== Records for the task ==

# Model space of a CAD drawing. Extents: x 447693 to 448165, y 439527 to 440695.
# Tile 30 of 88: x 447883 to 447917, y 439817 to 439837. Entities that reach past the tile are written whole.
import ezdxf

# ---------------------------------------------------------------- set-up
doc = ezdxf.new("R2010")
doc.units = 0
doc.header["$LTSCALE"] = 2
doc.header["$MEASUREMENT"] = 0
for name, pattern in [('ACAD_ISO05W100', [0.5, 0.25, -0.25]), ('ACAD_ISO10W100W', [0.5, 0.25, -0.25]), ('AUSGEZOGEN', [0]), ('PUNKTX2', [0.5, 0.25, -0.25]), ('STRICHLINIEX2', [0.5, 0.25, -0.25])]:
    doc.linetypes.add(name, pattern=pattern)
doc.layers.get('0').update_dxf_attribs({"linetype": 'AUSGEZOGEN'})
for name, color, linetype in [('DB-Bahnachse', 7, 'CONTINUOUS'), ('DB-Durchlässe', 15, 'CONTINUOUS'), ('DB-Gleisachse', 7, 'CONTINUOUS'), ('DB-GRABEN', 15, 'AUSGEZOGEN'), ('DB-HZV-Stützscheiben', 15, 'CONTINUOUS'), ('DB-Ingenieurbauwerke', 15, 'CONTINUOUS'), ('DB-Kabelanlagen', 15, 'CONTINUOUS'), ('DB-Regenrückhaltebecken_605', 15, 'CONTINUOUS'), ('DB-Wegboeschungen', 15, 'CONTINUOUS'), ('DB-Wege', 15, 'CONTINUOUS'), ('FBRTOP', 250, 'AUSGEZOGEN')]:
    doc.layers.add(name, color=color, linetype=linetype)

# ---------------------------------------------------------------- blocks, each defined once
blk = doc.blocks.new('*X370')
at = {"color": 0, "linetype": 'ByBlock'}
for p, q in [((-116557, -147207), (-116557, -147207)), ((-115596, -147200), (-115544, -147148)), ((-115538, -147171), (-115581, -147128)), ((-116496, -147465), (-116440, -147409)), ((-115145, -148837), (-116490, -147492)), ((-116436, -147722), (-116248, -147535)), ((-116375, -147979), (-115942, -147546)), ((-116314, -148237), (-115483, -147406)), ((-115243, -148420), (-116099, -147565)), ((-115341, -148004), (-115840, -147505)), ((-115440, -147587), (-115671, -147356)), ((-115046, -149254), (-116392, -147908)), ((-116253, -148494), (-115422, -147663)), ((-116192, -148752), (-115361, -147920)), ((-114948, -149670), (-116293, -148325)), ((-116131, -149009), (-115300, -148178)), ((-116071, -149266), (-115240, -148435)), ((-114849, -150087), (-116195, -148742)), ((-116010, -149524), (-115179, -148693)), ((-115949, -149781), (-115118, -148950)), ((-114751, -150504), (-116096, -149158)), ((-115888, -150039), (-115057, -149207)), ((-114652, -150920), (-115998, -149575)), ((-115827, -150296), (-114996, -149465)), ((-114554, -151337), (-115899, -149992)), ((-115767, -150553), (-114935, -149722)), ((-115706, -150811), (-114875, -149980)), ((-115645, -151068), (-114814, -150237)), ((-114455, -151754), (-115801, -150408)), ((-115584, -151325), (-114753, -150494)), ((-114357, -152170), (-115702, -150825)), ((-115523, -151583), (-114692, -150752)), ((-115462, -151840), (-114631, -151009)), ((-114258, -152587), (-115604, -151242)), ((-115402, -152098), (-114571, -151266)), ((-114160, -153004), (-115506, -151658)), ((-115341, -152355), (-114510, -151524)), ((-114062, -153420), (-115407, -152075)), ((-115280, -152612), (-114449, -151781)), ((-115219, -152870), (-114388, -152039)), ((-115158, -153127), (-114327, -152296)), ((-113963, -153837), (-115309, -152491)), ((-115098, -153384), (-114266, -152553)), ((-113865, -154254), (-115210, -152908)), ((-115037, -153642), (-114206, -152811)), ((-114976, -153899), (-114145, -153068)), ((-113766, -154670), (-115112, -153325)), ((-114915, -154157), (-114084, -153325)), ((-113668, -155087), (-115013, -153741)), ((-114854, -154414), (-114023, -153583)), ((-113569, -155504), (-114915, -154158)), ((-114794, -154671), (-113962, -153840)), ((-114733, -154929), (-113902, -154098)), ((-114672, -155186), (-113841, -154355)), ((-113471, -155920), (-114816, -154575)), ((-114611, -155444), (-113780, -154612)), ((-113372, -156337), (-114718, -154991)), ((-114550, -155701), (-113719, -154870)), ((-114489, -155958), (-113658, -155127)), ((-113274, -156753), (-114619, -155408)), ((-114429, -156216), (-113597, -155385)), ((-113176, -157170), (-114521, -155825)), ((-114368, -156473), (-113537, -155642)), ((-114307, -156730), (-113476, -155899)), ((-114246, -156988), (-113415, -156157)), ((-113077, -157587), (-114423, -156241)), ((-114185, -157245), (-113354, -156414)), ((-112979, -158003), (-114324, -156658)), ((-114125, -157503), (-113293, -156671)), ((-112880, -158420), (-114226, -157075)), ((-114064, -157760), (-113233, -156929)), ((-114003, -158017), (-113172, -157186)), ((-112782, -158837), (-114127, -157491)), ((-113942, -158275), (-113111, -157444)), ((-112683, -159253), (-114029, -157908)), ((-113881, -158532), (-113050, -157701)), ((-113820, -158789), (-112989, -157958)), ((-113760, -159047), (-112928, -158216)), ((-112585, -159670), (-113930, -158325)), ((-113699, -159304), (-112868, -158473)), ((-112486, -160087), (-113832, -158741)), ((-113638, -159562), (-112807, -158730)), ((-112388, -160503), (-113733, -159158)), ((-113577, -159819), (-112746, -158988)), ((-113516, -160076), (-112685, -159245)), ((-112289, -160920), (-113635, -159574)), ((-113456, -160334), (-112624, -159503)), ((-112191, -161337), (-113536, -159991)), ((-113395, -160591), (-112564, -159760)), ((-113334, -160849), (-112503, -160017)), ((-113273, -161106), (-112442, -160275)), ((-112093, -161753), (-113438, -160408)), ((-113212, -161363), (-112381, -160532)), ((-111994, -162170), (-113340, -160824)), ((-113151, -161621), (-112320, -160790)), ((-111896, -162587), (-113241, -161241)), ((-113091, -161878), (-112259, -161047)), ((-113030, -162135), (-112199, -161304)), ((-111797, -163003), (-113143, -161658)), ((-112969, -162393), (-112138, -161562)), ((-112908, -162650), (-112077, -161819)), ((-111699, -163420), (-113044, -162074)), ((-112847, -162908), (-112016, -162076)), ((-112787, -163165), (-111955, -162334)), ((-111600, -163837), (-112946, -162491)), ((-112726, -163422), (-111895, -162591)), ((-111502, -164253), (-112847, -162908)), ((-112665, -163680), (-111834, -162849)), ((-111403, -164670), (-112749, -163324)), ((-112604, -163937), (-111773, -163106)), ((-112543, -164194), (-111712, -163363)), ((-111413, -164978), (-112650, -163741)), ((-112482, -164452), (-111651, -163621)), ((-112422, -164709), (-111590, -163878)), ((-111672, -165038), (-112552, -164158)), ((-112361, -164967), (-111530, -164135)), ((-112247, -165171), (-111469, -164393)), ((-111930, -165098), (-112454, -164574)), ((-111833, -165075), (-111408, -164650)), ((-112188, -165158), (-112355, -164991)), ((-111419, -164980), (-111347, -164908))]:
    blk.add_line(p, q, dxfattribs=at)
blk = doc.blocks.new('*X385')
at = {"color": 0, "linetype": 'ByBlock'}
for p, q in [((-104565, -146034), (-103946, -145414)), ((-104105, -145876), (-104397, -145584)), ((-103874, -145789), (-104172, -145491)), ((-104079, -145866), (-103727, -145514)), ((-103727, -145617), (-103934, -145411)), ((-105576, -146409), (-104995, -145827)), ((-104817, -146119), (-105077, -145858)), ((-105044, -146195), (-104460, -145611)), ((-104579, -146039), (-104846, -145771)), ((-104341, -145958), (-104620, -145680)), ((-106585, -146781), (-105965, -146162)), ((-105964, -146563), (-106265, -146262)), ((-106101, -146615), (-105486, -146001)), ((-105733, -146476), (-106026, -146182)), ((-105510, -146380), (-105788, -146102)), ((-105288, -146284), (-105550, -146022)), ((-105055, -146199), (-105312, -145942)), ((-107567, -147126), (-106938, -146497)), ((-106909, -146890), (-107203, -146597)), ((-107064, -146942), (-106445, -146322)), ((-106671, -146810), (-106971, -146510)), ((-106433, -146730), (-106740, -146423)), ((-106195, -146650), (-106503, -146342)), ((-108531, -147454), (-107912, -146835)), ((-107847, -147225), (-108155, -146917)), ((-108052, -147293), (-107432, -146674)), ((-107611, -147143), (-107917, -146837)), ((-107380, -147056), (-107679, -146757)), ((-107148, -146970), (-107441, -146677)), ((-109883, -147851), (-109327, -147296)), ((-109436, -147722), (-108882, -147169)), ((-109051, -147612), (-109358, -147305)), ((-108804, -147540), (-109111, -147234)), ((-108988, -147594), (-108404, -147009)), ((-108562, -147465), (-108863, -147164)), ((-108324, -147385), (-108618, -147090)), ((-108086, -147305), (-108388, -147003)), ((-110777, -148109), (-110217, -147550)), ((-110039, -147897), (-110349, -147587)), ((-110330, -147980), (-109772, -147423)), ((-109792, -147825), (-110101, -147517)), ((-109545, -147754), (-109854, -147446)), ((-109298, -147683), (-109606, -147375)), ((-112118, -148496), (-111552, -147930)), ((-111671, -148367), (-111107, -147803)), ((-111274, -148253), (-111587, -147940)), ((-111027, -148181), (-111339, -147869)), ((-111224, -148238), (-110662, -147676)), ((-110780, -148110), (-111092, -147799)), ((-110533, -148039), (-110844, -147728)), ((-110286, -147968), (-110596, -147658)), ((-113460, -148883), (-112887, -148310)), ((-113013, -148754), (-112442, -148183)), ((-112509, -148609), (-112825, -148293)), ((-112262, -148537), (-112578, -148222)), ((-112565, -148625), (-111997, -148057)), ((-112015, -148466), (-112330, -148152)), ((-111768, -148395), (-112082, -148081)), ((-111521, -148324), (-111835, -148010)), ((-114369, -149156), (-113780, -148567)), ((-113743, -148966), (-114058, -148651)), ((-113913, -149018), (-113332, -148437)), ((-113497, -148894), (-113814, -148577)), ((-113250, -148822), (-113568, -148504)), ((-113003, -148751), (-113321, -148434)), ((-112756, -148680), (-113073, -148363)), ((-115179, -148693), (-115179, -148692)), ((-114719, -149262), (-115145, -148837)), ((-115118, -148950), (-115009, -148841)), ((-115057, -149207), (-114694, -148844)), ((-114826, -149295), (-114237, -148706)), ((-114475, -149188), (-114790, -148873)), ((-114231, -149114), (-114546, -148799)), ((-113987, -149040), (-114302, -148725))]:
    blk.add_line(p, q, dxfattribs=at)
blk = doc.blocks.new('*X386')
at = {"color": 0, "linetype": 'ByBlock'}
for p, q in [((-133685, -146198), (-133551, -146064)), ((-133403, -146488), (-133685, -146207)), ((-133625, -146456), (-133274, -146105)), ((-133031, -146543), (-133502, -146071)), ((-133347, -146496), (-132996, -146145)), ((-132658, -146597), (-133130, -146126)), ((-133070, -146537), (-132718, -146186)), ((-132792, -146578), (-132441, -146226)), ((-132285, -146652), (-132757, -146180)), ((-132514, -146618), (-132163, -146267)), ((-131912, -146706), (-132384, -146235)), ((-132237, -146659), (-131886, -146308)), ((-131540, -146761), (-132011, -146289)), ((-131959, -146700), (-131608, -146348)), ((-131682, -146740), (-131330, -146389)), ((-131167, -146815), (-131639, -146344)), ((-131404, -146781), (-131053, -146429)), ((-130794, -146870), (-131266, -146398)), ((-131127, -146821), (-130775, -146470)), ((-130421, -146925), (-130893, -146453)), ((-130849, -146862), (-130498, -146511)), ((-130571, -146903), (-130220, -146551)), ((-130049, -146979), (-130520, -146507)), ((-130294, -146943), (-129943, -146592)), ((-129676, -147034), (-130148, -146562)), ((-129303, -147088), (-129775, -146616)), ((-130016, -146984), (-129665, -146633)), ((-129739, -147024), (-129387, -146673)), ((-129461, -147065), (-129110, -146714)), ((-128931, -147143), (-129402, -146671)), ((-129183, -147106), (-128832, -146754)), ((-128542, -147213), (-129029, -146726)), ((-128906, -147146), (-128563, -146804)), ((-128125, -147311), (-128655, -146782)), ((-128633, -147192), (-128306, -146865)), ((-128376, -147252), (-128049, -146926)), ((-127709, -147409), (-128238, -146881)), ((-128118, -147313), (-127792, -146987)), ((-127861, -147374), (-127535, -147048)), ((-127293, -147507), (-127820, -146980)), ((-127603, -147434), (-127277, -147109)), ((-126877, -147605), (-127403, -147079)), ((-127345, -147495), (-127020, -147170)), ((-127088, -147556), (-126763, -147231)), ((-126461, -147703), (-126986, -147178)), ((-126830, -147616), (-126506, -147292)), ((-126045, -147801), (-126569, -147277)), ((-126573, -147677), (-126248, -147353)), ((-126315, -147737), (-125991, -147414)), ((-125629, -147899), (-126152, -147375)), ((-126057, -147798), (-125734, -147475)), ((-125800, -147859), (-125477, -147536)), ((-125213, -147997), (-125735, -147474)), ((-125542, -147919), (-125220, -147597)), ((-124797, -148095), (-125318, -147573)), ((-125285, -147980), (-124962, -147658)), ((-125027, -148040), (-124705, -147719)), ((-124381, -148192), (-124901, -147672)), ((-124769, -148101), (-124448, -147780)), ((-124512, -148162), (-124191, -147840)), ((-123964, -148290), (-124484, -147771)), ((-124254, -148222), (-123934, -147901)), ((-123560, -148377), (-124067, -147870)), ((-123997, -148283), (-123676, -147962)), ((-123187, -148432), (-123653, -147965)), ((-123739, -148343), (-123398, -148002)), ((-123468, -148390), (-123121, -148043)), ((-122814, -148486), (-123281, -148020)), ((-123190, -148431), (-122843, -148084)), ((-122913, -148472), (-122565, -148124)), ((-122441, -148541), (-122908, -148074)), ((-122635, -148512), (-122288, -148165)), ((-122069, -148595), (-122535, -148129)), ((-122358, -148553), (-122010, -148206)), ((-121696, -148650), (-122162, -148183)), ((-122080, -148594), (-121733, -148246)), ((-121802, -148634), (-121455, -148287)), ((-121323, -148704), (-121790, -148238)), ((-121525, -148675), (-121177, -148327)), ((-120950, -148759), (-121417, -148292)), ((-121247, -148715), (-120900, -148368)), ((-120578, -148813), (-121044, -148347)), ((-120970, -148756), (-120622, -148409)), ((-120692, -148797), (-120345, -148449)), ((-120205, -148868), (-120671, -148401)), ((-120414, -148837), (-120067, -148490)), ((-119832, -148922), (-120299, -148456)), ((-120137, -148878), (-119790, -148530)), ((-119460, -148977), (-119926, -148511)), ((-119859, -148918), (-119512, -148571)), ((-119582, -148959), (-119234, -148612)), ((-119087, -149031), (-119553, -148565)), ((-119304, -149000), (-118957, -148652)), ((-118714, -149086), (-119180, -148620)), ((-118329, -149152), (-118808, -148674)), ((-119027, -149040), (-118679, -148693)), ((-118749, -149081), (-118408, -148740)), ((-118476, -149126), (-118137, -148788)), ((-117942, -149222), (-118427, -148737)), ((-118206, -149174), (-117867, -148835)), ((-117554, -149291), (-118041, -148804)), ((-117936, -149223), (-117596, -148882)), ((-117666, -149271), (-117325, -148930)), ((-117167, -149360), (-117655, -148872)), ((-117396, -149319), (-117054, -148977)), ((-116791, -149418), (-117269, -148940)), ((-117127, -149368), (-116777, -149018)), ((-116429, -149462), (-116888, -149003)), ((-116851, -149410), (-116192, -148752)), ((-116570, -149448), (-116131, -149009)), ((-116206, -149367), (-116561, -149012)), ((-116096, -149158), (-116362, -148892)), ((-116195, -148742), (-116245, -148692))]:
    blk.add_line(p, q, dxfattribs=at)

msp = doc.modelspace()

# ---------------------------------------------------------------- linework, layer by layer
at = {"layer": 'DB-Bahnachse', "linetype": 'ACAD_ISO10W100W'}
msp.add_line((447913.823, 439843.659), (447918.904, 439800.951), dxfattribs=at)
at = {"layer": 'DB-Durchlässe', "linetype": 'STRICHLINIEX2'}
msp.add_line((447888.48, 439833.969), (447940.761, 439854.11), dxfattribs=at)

== What you are asked to do ==
Write down only the number of lines that contain the string "blocks" in the listing.

== Task solution ==
4